Dataset records section start
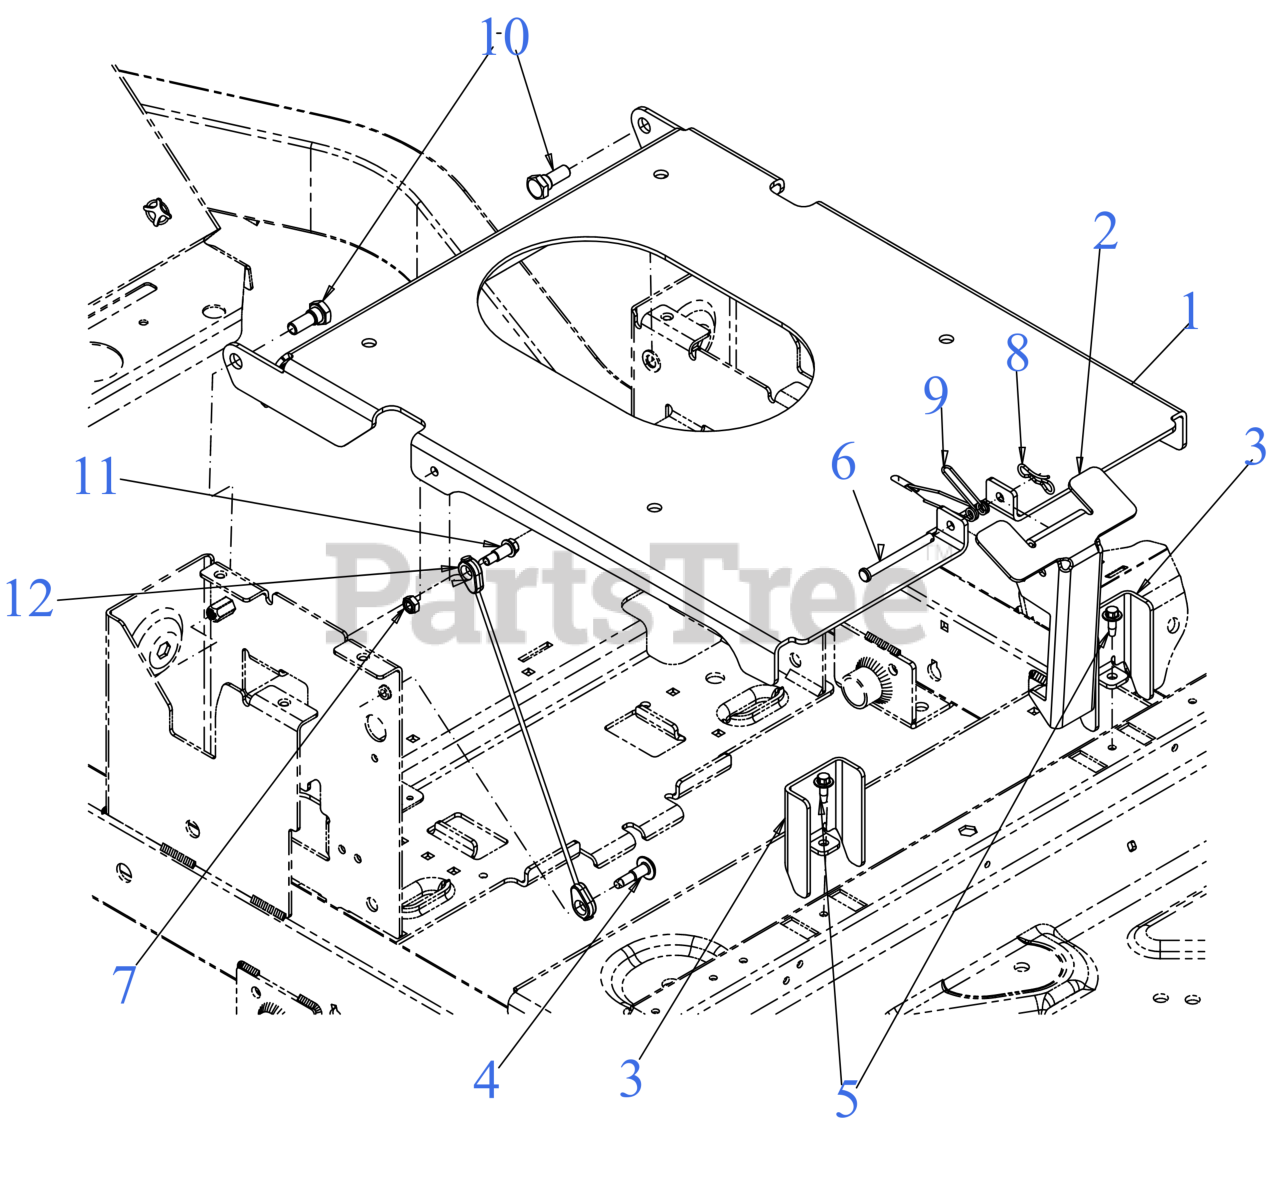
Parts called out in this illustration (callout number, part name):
1	SEAT BASEPLATE
2	SEAT LATCH BRACKET
3	SEAT SUPPORT
4	BOLT 1/4-20
5	SCREW M6-1 x .625
6	CLEVIS PIN .248 x 2.345
7	HEX NUT 1/4-20
8	BOW TIE COTTER PIN 1/4-5/16
10	SHOULDER SCREW .437
11	SHOULDER SCREW
12	SEAT BASE CABLE 10"
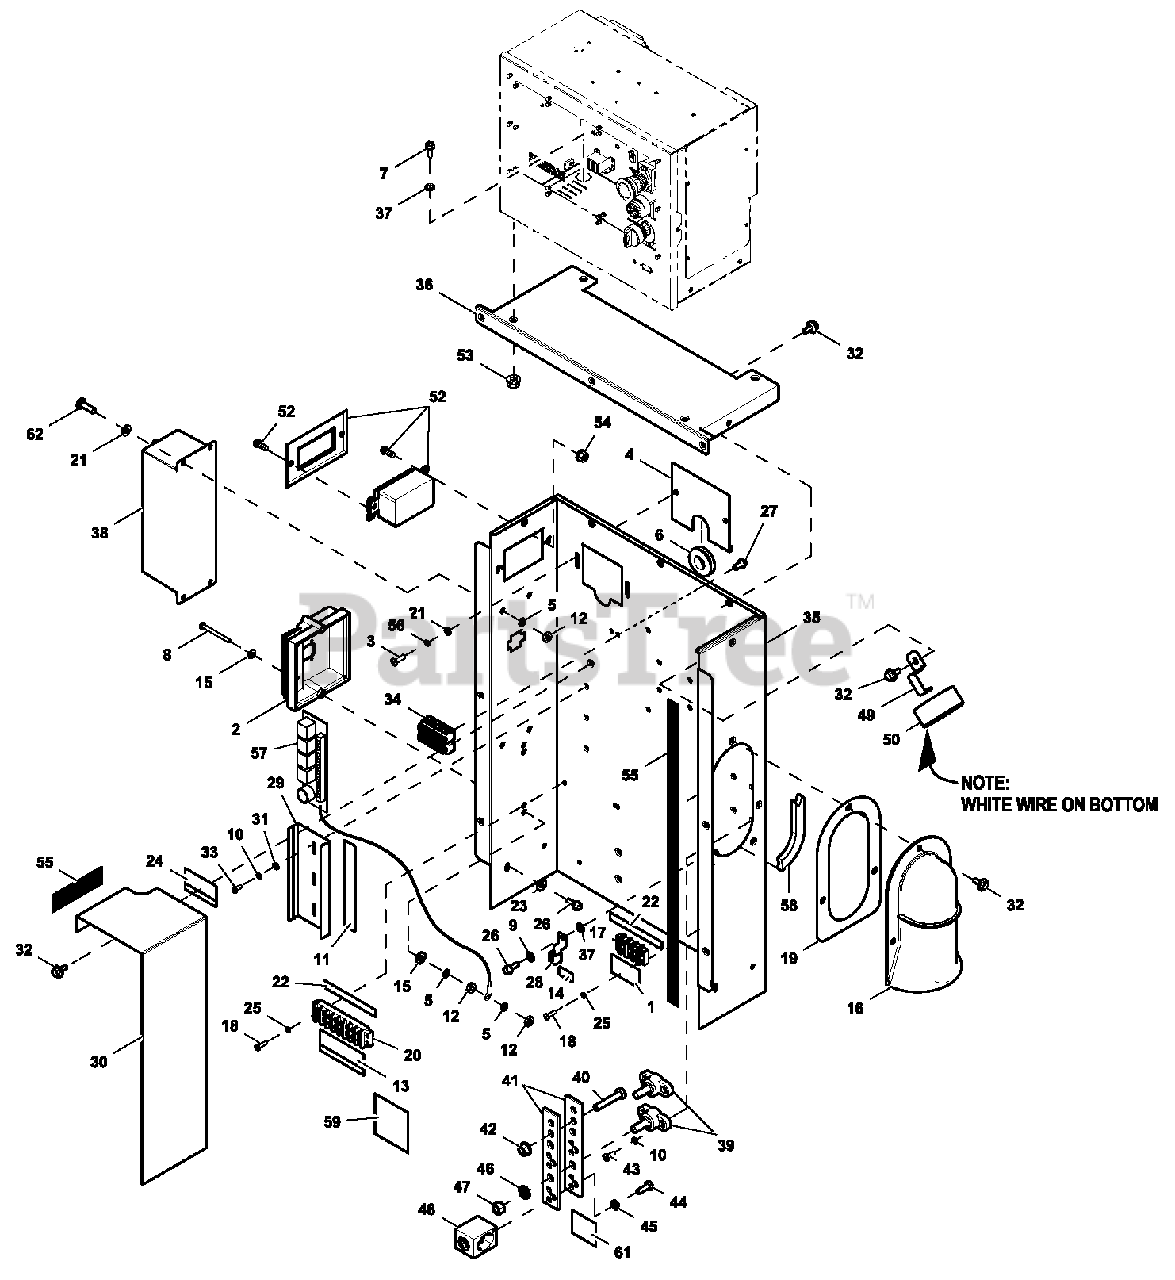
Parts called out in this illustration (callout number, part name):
Dataset records section end
Set down all entries above again, exactly, without images.

Parts called out in this illustration (callout number, part name):
1	SEAT BASEPLATE
2	SEAT LATCH BRACKET
3	SEAT SUPPORT
4	BOLT 1/4-20
5	SCREW M6-1 x .625
6	CLEVIS PIN .248 x 2.345
7	HEX NUT 1/4-20
8	BOW TIE COTTER PIN 1/4-5/16
10	SHOULDER SCREW .437
11	SHOULDER SCREW
12	SEAT BASE CABLE 10"
Parts called out in this illustration (callout number, part name):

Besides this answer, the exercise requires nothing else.